Wie meine Großmutter schon zu sagen pflegte:

Oben Küster unten Pastor (beim aussprechen  nuscheln hilft)


----------



## sprogoe (17. Dezember 2017)

*AW: 365 Anglersprüche - 1 Spruch pro Tag*



Ines schrieb:


> Reimt einer zu doll,
> ist das Maß bald voll.
> |muahah:



Das reimt sich zwar, aber dichtet nicht. Daumen in den Popo, das dichtet.


----------



## sprogoe (17. Dezember 2017)

*AW: 365 Anglersprüche - 1 Spruch pro Tag*

Glaube kaum, daß nur mit Sprüchen die 365 erreicht werden, kommt doch schon fast nix mehr.


----------



## nobbi1962 (17. Dezember 2017)

*AW: 365 Anglersprüche - 1 Spruch pro Tag*

“Das interessanteste Geschöpf der Zoologie ist der Fisch. Er wächst noch, wenn er längst verspeist ist.

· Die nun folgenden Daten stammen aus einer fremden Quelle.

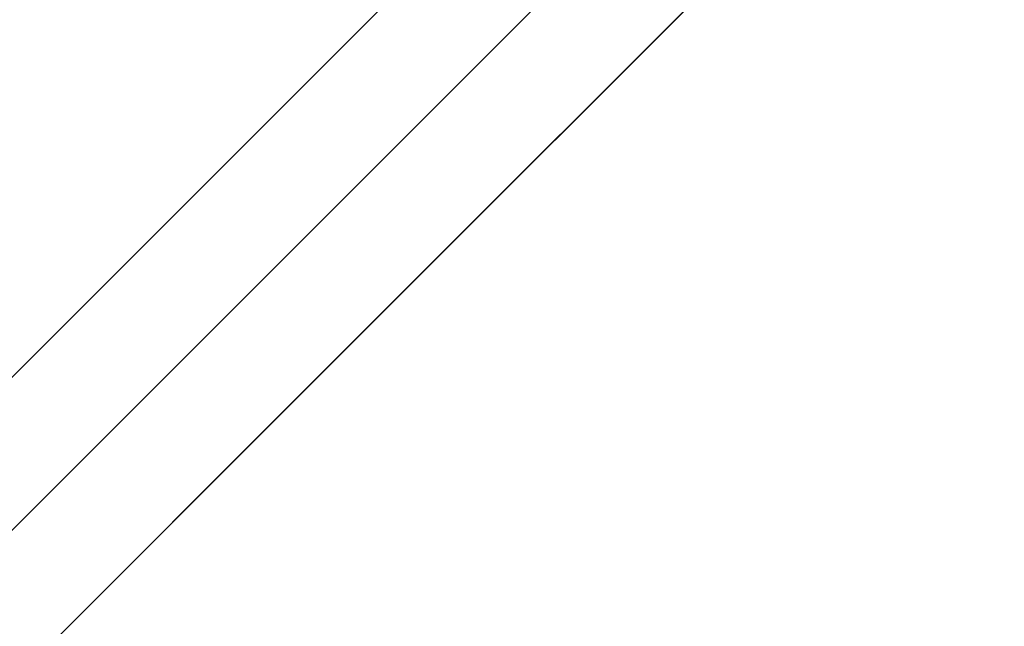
# Model space of a CAD drawing. Header units: millimetres. Extents: x -1690 to 192, y -898 to 54.
# Tile 169 of 256: x 163.16 to 169.99, y -892.71 to -888.5. Entities that reach past the tile are written whole.
import ezdxf

# ---------------------------------------------------------------- set-up
doc = ezdxf.new("R2010")
doc.units = ezdxf.units.MM
doc.header["$MEASUREMENT"] = 0
doc.layers.add('OVIDIO 186x93x72h', color=7, linetype='Continuous')

msp = doc.modelspace()

# ---------------------------------------------------------------- linework, layer by layer
at = {"layer": 'OVIDIO 186x93x72h'}
for points in [[(190.2025, -863.879), (157.6762, -896.4053)], [(157.6762, -896.4053), (190.2025, -863.879)], [(158.2065, -896.9356), (190.7328, -864.4093)], [(191.2631, -864.9397), (158.7369, -897.4659)], [(158.7369, -897.4659), (191.2631, -864.9397)], [(163.1563, -890.9252), (184.7224, -869.3591)], [(164.2169, -891.9859), (185.7831, -870.4197)]]:
    msp.add_lwpolyline(points, dxfattribs=at)
at = {"layer": 'OVIDIO 186x93x72h', "extrusion": (0.999884, -0.000231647, -0.015199)}
for points in [[(-896.3634, -0.2673), (-885.3871, 719.8397)], [(-885.3871, 719.8397), (-896.3634, -0.2673)]]:
    msp.add_lwpolyline(points, dxfattribs=at)
at = {"layer": 'OVIDIO 186x93x72h', "extrusion": (-0.000231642, 0.999884, -0.015217)}
for points in [[(-168.4312, 703.816), (-157.4685, -16.2674)], [(-157.4685, -16.2674), (-168.4312, 703.816)], [(-158.5289, -16.2835), (-169.4916, 703.7998)], [(-169.4916, 703.7998), (-158.5289, -16.2835)]]:
    msp.add_lwpolyline(points, dxfattribs=at)
at = {"layer": 'OVIDIO 186x93x72h', "extrusion": (0.999884, -0.000231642, -0.015217)}
for points in [[(-896.5156, -0.2526), (-885.5527, 719.8445)], [(-898.0154, -0.2288), (-887.0526, 719.8615)]]:
    msp.add_lwpolyline(points, dxfattribs=at)
at = {"layer": 'OVIDIO 186x93x72h', "extrusion": (0.999885, -0.000231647, -0.015188)}
for points in [[(-886.4365, 719.8419), (-897.4209, -0.2552)], [(-897.4209, -0.2552), (-886.4365, 719.8419)]]:
    msp.add_lwpolyline(points, dxfattribs=at)
at = {"layer": 'OVIDIO 186x93x72h', "extrusion": (0.015219, 0.015219, 0.999768)}
msp.add_lwpolyline([(158.7585, -897.3588), (158.7223, -897.3941), (158.6852, -897.4285), (158.6471, -897.462), (158.6082, -897.4945), (158.5684, -897.5261), (158.5278, -897.5567), (158.4865, -897.5863), (158.4444, -897.6148), (158.4016, -897.6422), (158.3582, -897.6685), (158.3141, -897.6936), (158.2695, -897.7176), (158.2244, -897.7404), (158.1788, -897.762), (158.1328, -897.7824), (158.0865, -897.8017), (158.0398, -897.8196), (157.9928, -897.8364), (157.9456, -897.8519), (157.8982, -897.8662), (157.8507, -897.8793), (157.803, -897.8911), (157.7553, -897.9017), (157.7077, -897.9111), (157.66, -897.9194), (157.6125, -897.9264), (157.5651, -897.9322), (157.5178, -897.9369), (157.4708, -897.9404), (157.4239, -897.9428), (157.3774, -897.9441), (157.3312, -897.9444), (157.2849, -897.9435), (157.2384, -897.9416), (157.1915, -897.9386), (157.1445, -897.9344), (157.0972, -897.9291), (157.0498, -897.9226), (157.0023, -897.9149), (156.9547, -897.9061), (156.9071, -897.896), (156.8595, -897.8847), (156.812, -897.8722), (156.7645, -897.8585), (156.7173, -897.8435), (156.6702, -897.8274), (156.6234, -897.8099), (156.5769, -897.7913), (156.5307, -897.7714), (156.4849, -897.7503), (156.4396, -897.728), (156.3948, -897.7046), (156.3504, -897.6799), (156.3067, -897.6541), (156.2636, -897.6272), (156.2211, -897.5992), (156.1794, -897.5701), (156.1384, -897.5399), (156.0982, -897.5087), (156.0588, -897.4765), (156.0203, -897.4433), (155.9827, -897.4092), (155.946, -897.3743), (155.9103, -897.3384)], dxfattribs=at)

doc.saveas('drawing.dxf')

Wenigstens in den Augen des Anglers.” Ernest Hemingway


----------



## sprogoe (17. Dezember 2017)

*AW: 365 Anglersprüche - 1 Spruch pro Tag*

Einen leidenschaftlichen Angler erkennt man daran, daß der Wert seiner Ausrüstung höher ist, als sein Guthaben bei der Bank.


----------



## sprogoe (17. Dezember 2017)

*AW: 365 Anglersprüche - 1 Spruch pro Tag*

Lieber Grete am Hals, als Gräte in der Kehle.


----------



## willmalwassagen (17. Dezember 2017)

*AW: 365 Anglersprüche - 1 Spruch pro Tag*

Vielleicht sieht es aus als würde ich dir zuhören, aber in meinen Gedanken bin ich beim Angeln


----------



## willmalwassagen (17. Dezember 2017)

*AW: 365 Anglersprüche - 1 Spruch pro Tag*

Angler Regeln:
Köder deine Haken selbst an
Putze die eigenen Fische selbst
Erzähle deine eigene Lügen


----------



## willmalwassagen (17. Dezember 2017)

*AW: 365 Anglersprüche - 1 Spruch pro Tag*

Mein größte Sorge ist, wenn ich sterbe verkauft meine Frau meine Angelausrüstung für den Preis den ich ihr erzählt habe.


----------



## JottU (17. Dezember 2017)

*AW: 365 Anglersprüche - 1 Spruch pro Tag*

Wenn der Fisch da ist, beißt er auch.


----------



## Fischkopp 1961 (17. Dezember 2017)

*AW: 365 Anglersprüche - 1 Spruch pro Tag*



willmalwassagen schrieb:


> Mein größte Sorge ist, wenn ich sterbe verkauft meine Frau meine Angelausrüstung für den Preis den ich ihr erzählt habe.



Oh jäääääh#6


----------



## bacalo (17. Dezember 2017)

*AW: 365 Anglersprüche - 1 Spruch pro Tag*

Das Angeln froh genießen, ist der Vernunft Gebot,
man lebt ja nur so kurz und ist so lange tot.


----------



## JottU (17. Dezember 2017)

*AW: 365 Anglersprüche - 1 Spruch pro Tag*

Wenn an News es fehlt im Sommerloche, 
gibt es Fischmonster - Woche für Woche.


----------



## JottU (17. Dezember 2017)

*AW: 365 Anglersprüche - 1 Spruch pro Tag*

Lieber Forelle blau als Rollmops nüchtern.


----------



## phirania (17. Dezember 2017)

*AW: 365 Anglersprüche - 1 Spruch pro Tag*

Angeln ist des Fischers Lust,fängt er nichts gibt es auch keinen Frust...


----------



## Ines (17. Dezember 2017)

*AW: 365 Anglersprüche - 1 Spruch pro Tag*

"Gestern war gut." 
Hatten wir den schon?


----------



## jochen68 (17. Dezember 2017)

*AW: 365 Anglersprüche - 1 Spruch pro Tag*



Ines schrieb:


> "Gestern war gut."



... ich kenne den auch so:

"Letzte Woche hätten Sie hier sein müssen ..."  |rolleyes


----------



## Ruttentretzer (17. Dezember 2017)

*AW: 365 Anglersprüche - 1 Spruch pro Tag*

Wer ist der Hecht im Karpfenteich?

Ronni


----------



## Thomas9904 (17. Dezember 2017)

*AW: 365 Anglersprüche - 1 Spruch pro Tag*

da muss ich aber einiges aussortieren - Anglersprüche, nicht Fisch- oder "schlaue" Sprüche..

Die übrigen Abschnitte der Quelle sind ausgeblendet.